For the string "horizontal", state how many lines of the data hold it. Give nothing besides the number.

[Stored records]
--------------------

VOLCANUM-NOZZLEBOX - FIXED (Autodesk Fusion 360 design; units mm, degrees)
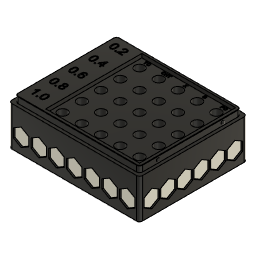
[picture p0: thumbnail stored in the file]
sketch "Sketch2" plane through (0, 0, 0) normal (0, 0, 1) x axis (1, 0, 0)
  line L1 (60, 10) -> (-10, 10)
  line L2 (60, -60) -> (60, 10)
  line L3 (-10, -60) -> (60, -60)
  line L4 (-10, 10) -> (-10, -60)
  horizontal L1
  vertical L2
  horizontal L3
  vertical L4
extrude "Extrude1" new body sketch "Sketch2" along normal blind 30
sketch "Sketch3" plane through (0, 0, 30) normal (0, 0, 1) x axis (-1, 0, 0)
  line L1 (-60, 60) -> (10, 60)
  line L2 (-60, -10) -> (-60, 60)
  line L3 (10, -10) -> (-60, -10)
  line L4 (10, 60) -> (10, -10)
  circle C1 centre (0, 0) radius 3.05
  circle C2 centre (-12.5, 0) radius 3.05
  circle C3 centre (-25, 0) radius 3.05
  circle C4 centre (-37.5, 0) radius 3.05
  circle C5 centre (-50, 0) radius 3.05
  circle C6 centre (0, 12.5) radius 3.05
  circle C7 centre (-12.5, 12.5) radius 3.05
  circle C8 centre (-25, 12.5) radius 3.05
  circle C9 centre (-37.5, 12.5) radius 3.05
  circle C10 centre (-50, 12.5) radius 3.05
  circle C11 centre (0, 25) radius 3.05
  circle C12 centre (-12.5, 25) radius 3.05
  circle C13 centre (-25, 25) radius 3.05
  circle C14 centre (-37.5, 25) radius 3.05
  circle C15 centre (-50, 25) radius 3.05
  circle C16 centre (0, 37.5) radius 3.05
  circle C17 centre (-12.5, 37.5) radius 3.05
  circle C18 centre (-25, 37.5) radius 3.05
  circle C19 centre (-37.5, 37.5) radius 3.05
  circle C20 centre (-50, 37.5) radius 3.05
  circle C21 centre (0, 50) radius 3.05
  circle C22 centre (-12.5, 50) radius 3.05
  circle C23 centre (-25, 50) radius 3.05
  circle C24 centre (-37.5, 50) radius 3.05
  circle C25 centre (-50, 50) radius 3.05
  point P1 (0, 0)
  point P6 (0, 0)
  coincident P1 P6
  dimension "d8" diameter C1 = 6.1
  dimension "d11" R-Pattern1-uDistance = -50
  dimension "d12" R-Pattern1-vDistance = 50
extrude "Extrude2" add of existing geometry blind 15
extrude "Extrude3" cut sketch "Sketch3" profile of C1 C2 C3 C4 C5 C6 C7 C8 C9 C10 C11 C12 C13 C14 C15 C16 C17 C18 C19 C20 C21 C22 C23 C24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 against normal blind 25
sketch "Sketch4" plane through (0, 0, 30) normal (0, 0, 1) x axis (-1, 0, 0)
  dimension "d17" = 5
  dimension "d18" = 5
  dimension "d19" = 5
  dimension "d20" = 5
  dimension "d21" = 5
  dimension "d22" = -2
extrude "Extrude4" cut sketch "Sketch4" against normal blind 5
sketch "Sketch5" plane through (0, 0, 30) normal (0, 0, 1) x axis (-1, 0, 0)
  line L1 (23, -8) -> (-58, -8)
  line L2 (23, 58) -> (23, -8)
  line L3 (-58, 58) -> (23, 58)
  line L4 (-58, -8) -> (-58, 58)
  line L5 (-60, -10) -> (25, -10)
  line L6 (-60, 60) -> (-60, -10)
  line L7 (25, 60) -> (-60, 60)
  line L8 (25, -10) -> (25, 60)
  circle C1 centre (-37.5, 0) radius 3.05
  circle C2 centre (-25, 0) radius 3.05
  circle C3 centre (-50, 25) radius 3.05
  circle C4 centre (-12.5, 25) radius 3.05
  circle C5 centre (-25, 37.5) radius 3.05
  circle C6 centre (-25, 50) radius 3.05
  circle C7 centre (-12.5, 50) radius 3.05
  circle C8 centre (-37.5, 37.5) radius 3.05
  circle C9 centre (0, 25) radius 3.05
  circle C10 centre (-37.5, 25) radius 3.05
  circle C11 centre (-12.5, 0) radius 3.05
  circle C12 centre (-37.5, 12.5) radius 3.05
  circle C13 centre (-50, 0) radius 3.05
  circle C14 centre (-25, 12.5) radius 3.05
  circle C15 centre (0, 12.5) radius 3.05
  circle C16 centre (-25, 25) radius 3.05
  circle C17 centre (-12.5, 37.5) radius 3.05
  circle C18 centre (-37.5, 50) radius 3.05
  circle C19 centre (0, 50) radius 3.05
  circle C20 centre (-50, 50) radius 3.05
  circle C21 centre (0, 37.5) radius 3.05
  circle C22 centre (-50, 37.5) radius 3.05
  circle C23 centre (0, 0) radius 3.05
  circle C24 centre (-12.5, 12.5) radius 3.05
  circle C25 centre (-50, 12.5) radius 3.05
  horizontal L5
  vertical L6
  horizontal L7
  vertical L8
extrude "Extrude5" new body sketch "Sketch5" along normal blind 8
move "Move1"
sketch "Sketch6" plane through (0, 0, 43) normal (0, 0, -1) x axis (1, 0, 0)
  line L1 (-25, 60) -> (60, 60)
  line L2 (-25, -10) -> (-25, 60)
  line L3 (60, -10) -> (-25, -10)
  line L4 (60, 60) -> (60, -10)
  line L5 (58, -8) -> (-23, -8)
  line L6 (58, 58) -> (58, -8)
  line L7 (-23, 58) -> (58, 58)
  line L8 (-23, -8) -> (-23, 58)
  dimension "d27" = -2
extrude "Extrude6" cut sketch "Sketch6" profile of L5 L6 L7 L8 against normal blind 5
extrude "Extrude7" add of existing geometry blind 1
extrude "Extrude8" cut sketch "Sketch4" against normal blind 1
sketch "Sketch7" plane through (0, 0, 51) normal (0, 0, 1) x axis (-1, 0, 0)
  line L1 (-60, 60) -> (25, 60)
  line L2 (-60, -10) -> (-60, 60)
  line L3 (25, -10) -> (-60, -10)
  line L4 (25, 60) -> (25, -10)
  line L5 (467.8571, 12.8867) -> (467.8571, 7.1133)
  line L6 (503.5714, 7.1133) -> (503.5714, 12.8867)
  line L7 (430, 100) -> (530, 100)
  line L8 (520, 4.2265) -> (515, 7.1133)
  line L9 (502.1428, 7.1133) -> (497.1429, 4.2265)
  line L10 (503.5714, 12.8867) -> (508.5714, 15.7735)
  line L11 (492.1429, 7.1133) -> (492.1429, 12.8867)
  line L12 (502.1428, 12.8867) -> (502.1428, 7.1133)
  line L13 (525, 27.1133) -> (520, 24.2265)
  line L14 (525, 7.1133) -> (520, 4.2265)
  line L15 (462.8571, 24.2265) -> (457.8572, 27.1133)
  line L16 (479.2857, 12.8867) -> (479.2857, 7.1133)
  line L17 (508.5714, 15.7735) -> (513.5714, 12.8867)
  line L18 (530, 0) -> (430, 0)
  line L19 (492.1429, 12.8867) -> (497.1429, 15.7735)
  line L20 (513.5714, 7.1133) -> (508.5714, 4.2265)
  line L21 (513.5714, 12.8867) -> (513.5714, 7.1133)
  line L22 (485.7143, 15.7735) -> (490.7143, 12.8867)
  line L23 (440, 15.7735) -> (445, 12.8867)
  line L24 (435, 7.1133) -> (435, 12.8867)
  line L25 (480.7143, 27.1133) -> (480.7143, 32.8867)
  line L26 (445, 7.1133) -> (440, 4.2265)
  line L27 (515, 12.8867) -> (520, 15.7735)
  line L28 (469.2857, 32.8867) -> (474.2857, 35.7735)
  line L29 (445, 12.8867) -> (445, 7.1133)
  line L30 (497.1429, 35.7735) -> (502.1428, 32.8867)
  line L31 (515, 7.1133) -> (515, 12.8867)
  line L32 (520, 35.7735) -> (525, 32.8867)
  line L33 (508.5714, 35.7735) -> (513.5714, 32.8867)
  line L34 (508.5714, 4.2265) -> (503.5714, 7.1133)
  line L35 (479.2857, 7.1133) -> (474.2857, 4.2265)
  line L36 (520, 15.7735) -> (525, 12.8867)
  line L37 (497.1429, 4.2265) -> (492.1429, 7.1133)
  line L38 (474.2857, 24.2265) -> (469.2857, 27.1133)
  line L39 (530, 100) -> (530, 0)
  line L40 (457.8572, 27.1133) -> (457.8572, 32.8867)
  line L41 (492.1429, 27.1133) -> (492.1429, 32.8867)
  line L42 (502.1428, 27.1133) -> (497.1429, 24.2265)
  line L43 (435, 12.8867) -> (440, 15.7735)
  line L44 (525, 12.8867) -> (525, 7.1133)
  line L45 (474.2857, 4.2265) -> (469.2857, 7.1133)
  line L46 (430, 0) -> (430, 100)
  line L47 (457.8572, 32.8867) -> (462.8571, 35.7735)
  line L48 (474.2857, 35.7735) -> (479.2857, 32.8867)
  line L49 (525, 32.8867) -> (525, 27.1133)
  line L50 (513.5714, 47.1133) -> (508.5714, 44.2265)
  line L51 (457.8572, 7.1133) -> (457.8572, 12.8867)
  line L52 (502.1428, 47.1133) -> (497.1429, 44.2265)
  line L53 (445, 32.8867) -> (445, 27.1133)
  line L54 (467.8571, 27.1133) -> (462.8571, 24.2265)
  line L55 (480.7143, 12.8867) -> (485.7143, 15.7735)
  line L56 (490.7143, 27.1133) -> (485.7143, 24.2265)
  line L57 (520, 24.2265) -> (515, 27.1133)
  line L58 (435, 47.1133) -> (435, 52.8867)
  line L59 (490.7143, 12.8867) -> (490.7143, 7.1133)
  line L60 (467.8571, 7.1133) -> (462.8571, 4.2265)
  line L61 (451.4286, 55.7735) -> (456.4286, 52.8867)
  line L62 (492.1429, 32.8867) -> (497.1429, 35.7735)
  line L63 (457.8572, 12.8867) -> (462.8571, 15.7735)
  line L64 (474.2857, 44.2265) -> (469.2857, 47.1133)
  line L65 (503.5714, 32.8867) -> (508.5714, 35.7735)
  line L66 (492.1429, 52.8867) -> (497.1429, 55.7735)
  line L67 (440, 44.2265) -> (435, 47.1133)
  line L68 (513.5714, 27.1133) -> (508.5714, 24.2265)
  line L69 (480.7143, 7.1133) -> (480.7143, 12.8867)
  line L70 (445, 52.8867) -> (445, 47.1133)
  line L71 (485.7143, 24.2265) -> (480.7143, 27.1133)
  line L72 (485.7143, 4.2265) -> (480.7143, 7.1133)
  line L73 (451.4286, 15.7735) -> (456.4286, 12.8867)
  line L74 (503.5714, 27.1133) -> (503.5714, 32.8867)
  line L75 (497.1429, 15.7735) -> (502.1428, 12.8867)
  line L76 (480.7143, 32.8867) -> (485.7143, 35.7735)
  line L77 (515, 27.1133) -> (515, 32.8867)
  line L78 (446.4286, 47.1133) -> (446.4286, 52.8867)
  line L79 (440, 4.2265) -> (435, 7.1133)
  line L80 (485.7143, 35.7735) -> (490.7143, 32.8867)
  line L81 (446.4286, 12.8867) -> (451.4286, 15.7735)
  line L82 (490.7143, 7.1133) -> (485.7143, 4.2265)
  line L83 (451.4286, 44.2265) -> (446.4286, 47.1133)
  line L84 (502.1428, 52.8867) -> (502.1428, 47.1133)
  line L85 (445, 47.1133) -> (440, 44.2265)
  line L86 (508.5714, 55.7735) -> (513.5714, 52.8867)
  line L87 (440, 55.7735) -> (445, 52.8867)
  line L88 (446.4286, 7.1133) -> (446.4286, 12.8867)
  line L89 (469.2857, 12.8867) -> (474.2857, 15.7735)
  line L90 (435, 52.8867) -> (440, 55.7735)
  line L91 (451.4286, 35.7735) -> (456.4286, 32.8867)
  line L92 (515, 52.8867) -> (520, 55.7735)
  line L93 (445, 27.1133) -> (440, 24.2265)
  line L94 (456.4286, 12.8867) -> (456.4286, 7.1133)
  line L95 (469.2857, 27.1133) -> (469.2857, 32.8867)
  line L96 (490.7143, 32.8867) -> (490.7143, 27.1133)
  line L97 (462.8571, 15.7735) -> (467.8571, 12.8867)
  line L98 (440, 24.2265) -> (435, 27.1133)
  line L99 (469.2857, 7.1133) -> (469.2857, 12.8867)
  line L100 (515, 32.8867) -> (520, 35.7735)
  line L101 (508.5714, 24.2265) -> (503.5714, 27.1133)
  line L102 (513.5714, 32.8867) -> (513.5714, 27.1133)
  line L103 (479.2857, 32.8867) -> (479.2857, 27.1133)
  line L104 (508.5714, 44.2265) -> (503.5714, 47.1133)
  line L105 (467.8571, 47.1133) -> (462.8571, 44.2265)
  line L106 (451.4286, 4.2265) -> (446.4286, 7.1133)
  line L107 (497.1429, 24.2265) -> (492.1429, 27.1133)
  line L108 (462.8571, 4.2265) -> (457.8572, 7.1133)
  line L109 (502.1428, 32.8867) -> (502.1428, 27.1133)
  line L110 (456.4286, 7.1133) -> (451.4286, 4.2265)
  line L111 (474.2857, 15.7735) -> (479.2857, 12.8867)
  line L112 (479.2857, 27.1133) -> (474.2857, 24.2265)
  line L113 (492.1429, 47.1133) -> (492.1429, 52.8867)
  line L114 (513.5714, 67.1133) -> (508.5714, 64.2265)
  line L115 (485.7143, 44.2265) -> (480.7143, 47.1133)
  line L116 (513.5714, 72.8867) -> (513.5714, 67.1133)
  line L117 (525, 72.8867) -> (525, 67.1133)
  line L118 (469.2857, 52.8867) -> (474.2857, 55.7735)
  line L119 (520, 44.2265) -> (515, 47.1133)
  line L120 (520, 64.2265) -> (515, 67.1133)
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fillet "Fillet1" radius 2
chamfer "Chamfer1" distance 0.5
fillet "Fillet2" radius 2
extrude "Extrude9" cut sketch "Sketch7" against normal blind 1
sketch "Sketch8" plane through (0, 0, 51) normal (0, 0, 1) x axis (-1, 0, 0)
  dimension "d41" = 5
  dimension "d42" = 5
  dimension "d43" = 5
  dimension "d44" = 5
  dimension "d45" = 5
  dimension "d46" = 5
  dimension "d47" = 5
  dimension "d48" = 5
  dimension "d49" = 5
  dimension "d50" = 5
  dimension "d51" = 5
  dimension "d52" = 5
  dimension "d53" = 5
  dimension "d54" = 5
  dimension "d55" = 5
  dimension "d56" = 5
extrude "Extrude10" cut sketch "Sketch8" against normal blind 1
chamfer "Chamfer2" distance 0.4
chamfer "Chamfer3" distance 0.2
chamfer "Chamfer4" distance 0.2
sketch "Sketch9" plane through (0, -60, 0) normal (0, -1, 0) x axis (1, 0, 0)
  line L1 (58, 0.4) -> (-23, 0.4)
  line L2 (58, 26) -> (58, 0.4)
  line L3 (-23, 26) -> (58, 26)
  line L4 (-23, 0.4) -> (-23, 26)
  line L5 (480.7143, 7.1133) -> (480.7143, 12.8867)
  line L6 (474.2857, 4.2265) -> (469.2857, 7.1133)
  line L7 (469.2857, 7.1133) -> (469.2857, 12.8867)
  line L8 (469.2857, 12.8867) -> (474.2857, 15.7735)
  line L9 (485.7143, 15.7735) -> (490.7143, 12.8867)
  line L10 (490.7143, 12.8867) -> (490.7143, 7.1133)
  line L11 (525, 7.1133) -> (520, 4.2265)
  line L12 (503.5714, 12.8867) -> (508.5714, 15.7735)
  line L13 (520, 4.2265) -> (515, 7.1133)
  line L14 (469.2857, 32.8867) -> (474.2857, 35.7735)
  line L15 (503.5714, 7.1133) -> (503.5714, 12.8867)
  line L16 (467.8571, 32.8867) -> (467.8571, 27.1133)
  line L17 (508.5714, 4.2265) -> (503.5714, 7.1133)
  line L18 (479.2857, 32.8867) -> (479.2857, 27.1133)
  line L19 (497.1429, 24.2265) -> (492.1429, 27.1133)
  line L20 (462.8571, 35.7735) -> (467.8571, 32.8867)
  line L21 (451.4286, 4.2265) -> (446.4286, 7.1133)
  line L22 (445, 7.1133) -> (440, 4.2265)
  line L23 (503.5714, 32.8867) -> (508.5714, 35.7735)
  line L24 (446.4286, 7.1133) -> (446.4286, 12.8867)
  line L25 (462.8571, 24.2265) -> (457.8572, 27.1133)
  line L26 (502.1428, 27.1133) -> (497.1429, 24.2265)
  line L27 (520, 24.2265) -> (515, 27.1133)
  line L28 (446.4286, 32.8867) -> (451.4286, 35.7735)
  line L29 (513.5714, 27.1133) -> (508.5714, 24.2265)
  line L30 (435, 7.1133) -> (435, 12.8867)
  line L31 (502.1428, 12.8867) -> (502.1428, 7.1133)
  line L32 (520, 35.7735) -> (525, 32.8867)
  line L33 (457.8572, 12.8867) -> (462.8571, 15.7735)
  line L34 (513.5714, 12.8867) -> (513.5714, 7.1133)
  line L35 (525, 27.1133) -> (520, 24.2265)
  line L36 (492.1429, 7.1133) -> (492.1429, 12.8867)
  line L37 (467.8571, 7.1133) -> (462.8571, 4.2265)
  line L38 (435, 12.8867) -> (440, 15.7735)
  line L39 (490.7143, 32.8867) -> (490.7143, 27.1133)
  line L40 (430, 100) -> (530, 100)
  line L41 (497.1429, 35.7735) -> (502.1428, 32.8867)
  line L42 (435, 32.8867) -> (440, 35.7735)
  line L43 (485.7143, 24.2265) -> (480.7143, 27.1133)
  line L44 (456.4286, 7.1133) -> (451.4286, 4.2265)
  line L45 (480.7143, 32.8867) -> (485.7143, 35.7735)
  line L46 (457.8572, 7.1133) -> (457.8572, 12.8867)
  line L47 (457.8572, 27.1133) -> (457.8572, 32.8867)
  line L48 (467.8571, 27.1133) -> (462.8571, 24.2265)
  line L49 (446.4286, 27.1133) -> (446.4286, 32.8867)
  line L50 (479.2857, 7.1133) -> (474.2857, 4.2265)
  line L51 (457.8572, 32.8867) -> (462.8571, 35.7735)
  line L52 (502.1428, 32.8867) -> (502.1428, 27.1133)
  line L53 (451.4286, 24.2265) -> (446.4286, 27.1133)
  line L54 (479.2857, 27.1133) -> (474.2857, 24.2265)
  line L55 (502.1428, 7.1133) -> (497.1429, 4.2265)
  line L56 (490.7143, 27.1133) -> (485.7143, 24.2265)
  line L57 (467.8571, 12.8867) -> (467.8571, 7.1133)
  line L58 (456.4286, 12.8867) -> (456.4286, 7.1133)
  line L59 (480.7143, 12.8867) -> (485.7143, 15.7735)
  line L60 (515, 7.1133) -> (515, 12.8867)
  line L61 (520, 15.7735) -> (525, 12.8867)
  line L62 (445, 12.8867) -> (445, 7.1133)
  line L63 (497.1429, 4.2265) -> (492.1429, 7.1133)
  line L64 (492.1429, 12.8867) -> (497.1429, 15.7735)
  line L65 (525, 32.8867) -> (525, 27.1133)
  line L66 (430, 0) -> (430, 100)
  line L67 (497.1429, 15.7735) -> (502.1428, 12.8867)
  line L68 (515, 12.8867) -> (520, 15.7735)
  line L69 (456.4286, 32.8867) -> (456.4286, 27.1133)
  line L70 (513.5714, 7.1133) -> (508.5714, 4.2265)
  line L71 (530, 100) -> (530, 0)
  line L72 (451.4286, 35.7735) -> (456.4286, 32.8867)
  line L73 (525, 12.8867) -> (525, 7.1133)
  line L74 (530, 0) -> (430, 0)
  line L75 (508.5714, 15.7735) -> (513.5714, 12.8867)
  line L76 (479.2857, 12.8867) -> (479.2857, 7.1133)
  line L77 (456.4286, 27.1133) -> (451.4286, 24.2265)
  line L78 (467.8571, 52.8867) -> (467.8571, 47.1133)
  line L79 (485.7143, 35.7735) -> (490.7143, 32.8867)
  line L80 (445, 47.1133) -> (440, 44.2265)
  line L81 (445, 52.8867) -> (445, 47.1133)
  line L82 (440, 24.2265) -> (435, 27.1133)
  line L83 (440, 55.7735) -> (445, 52.8867)
  line L84 (469.2857, 27.1133) -> (469.2857, 32.8867)
  line L85 (503.5714, 27.1133) -> (503.5714, 32.8867)
  line L86 (502.1428, 47.1133) -> (497.1429, 44.2265)
  line L87 (492.1429, 27.1133) -> (492.1429, 32.8867)
  line L88 (513.5714, 72.8867) -> (513.5714, 67.1133)
  line L89 (508.5714, 24.2265) -> (503.5714, 27.1133)
  line L90 (451.4286, 55.7735) -> (456.4286, 52.8867)
  line L91 (525, 47.1133) -> (520, 44.2265)
  line L92 (474.2857, 55.7735) -> (479.2857, 52.8867)
  line L93 (445, 32.8867) -> (445, 27.1133)
  line L94 (474.2857, 44.2265) -> (469.2857, 47.1133)
  line L95 (480.7143, 52.8867) -> (485.7143, 55.7735)
  line L96 (469.2857, 47.1133) -> (469.2857, 52.8867)
  line L97 (462.8571, 15.7735) -> (467.8571, 12.8867)
  line L98 (513.5714, 52.8867) -> (513.5714, 47.1133)
  line L99 (520, 55.7735) -> (525, 52.8867)
  line L100 (515, 32.8867) -> (520, 35.7735)
  line L101 (446.4286, 12.8867) -> (451.4286, 15.7735)
  line L102 (474.2857, 35.7735) -> (479.2857, 32.8867)
  line L103 (457.8572, 47.1133) -> (457.8572, 52.8867)
  line L104 (456.4286, 52.8867) -> (456.4286, 47.1133)
  line L105 (456.4286, 47.1133) -> (451.4286, 44.2265)
  line L106 (525, 67.1133) -> (520, 64.2265)
  line L107 (503.5714, 47.1133) -> (503.5714, 52.8867)
  line L108 (497.1429, 55.7735) -> (502.1428, 52.8867)
  line L109 (490.7143, 47.1133) -> (485.7143, 44.2265)
  line L110 (462.8571, 44.2265) -> (457.8572, 47.1133)
  line L111 (451.4286, 44.2265) -> (446.4286, 47.1133)
  line L112 (508.5714, 44.2265) -> (503.5714, 47.1133)
  line L113 (485.7143, 55.7735) -> (490.7143, 52.8867)
  line L114 (492.1429, 47.1133) -> (492.1429, 52.8867)
  line L115 (490.7143, 52.8867) -> (490.7143, 47.1133)
  line L116 (435, 52.8867) -> (440, 55.7735)
  line L117 (457.8572, 52.8867) -> (462.8571, 55.7735)
  line L118 (469.2857, 52.8867) -> (474.2857, 55.7735)
  line L119 (485.7143, 44.2265) -> (480.7143, 47.1133)
  line L120 (451.4286, 15.7735) -> (456.4286, 12.8867)
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  dimension "d64" R-Pattern1-uDistance = 69
  dimension "d65" R-Pattern1-vDistance = 0
extrude "Extrude11" cut sketch "Sketch9" against normal blind 1
sketch "Sketch10" plane through (-25, 0, 0) normal (-1, 0, 0) x axis (0, -1, 0)
  line L1 (58, 0.4) -> (-8, 0.4)
  line L2 (58, 26) -> (58, 0.4)
  line L3 (-8, 26) -> (58, 26)
  line L4 (-8, 0.4) -> (-8, 26)
  line L5 (-2, 15.7735) -> (3, 12.8867)
  line L6 (-7, 12.8867) -> (-2, 15.7735)
  line L7 (-7, 7.1133) -> (-7, 12.8867)
  line L8 (-2, 4.2265) -> (-7, 7.1133)
  line L9 (3, 7.1133) -> (-2, 4.2265)
  line L10 (3, 12.8867) -> (3, 7.1133)
  line L11 (13.8, 12.8867) -> (13.8, 7.1133)
  line L12 (8.8, 15.7735) -> (13.8, 12.8867)
  line L13 (3.8, 12.8867) -> (8.8, 15.7735)
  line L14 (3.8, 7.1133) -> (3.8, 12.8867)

--------------------

• [ANSWER TO THIS PROBLEM]: 4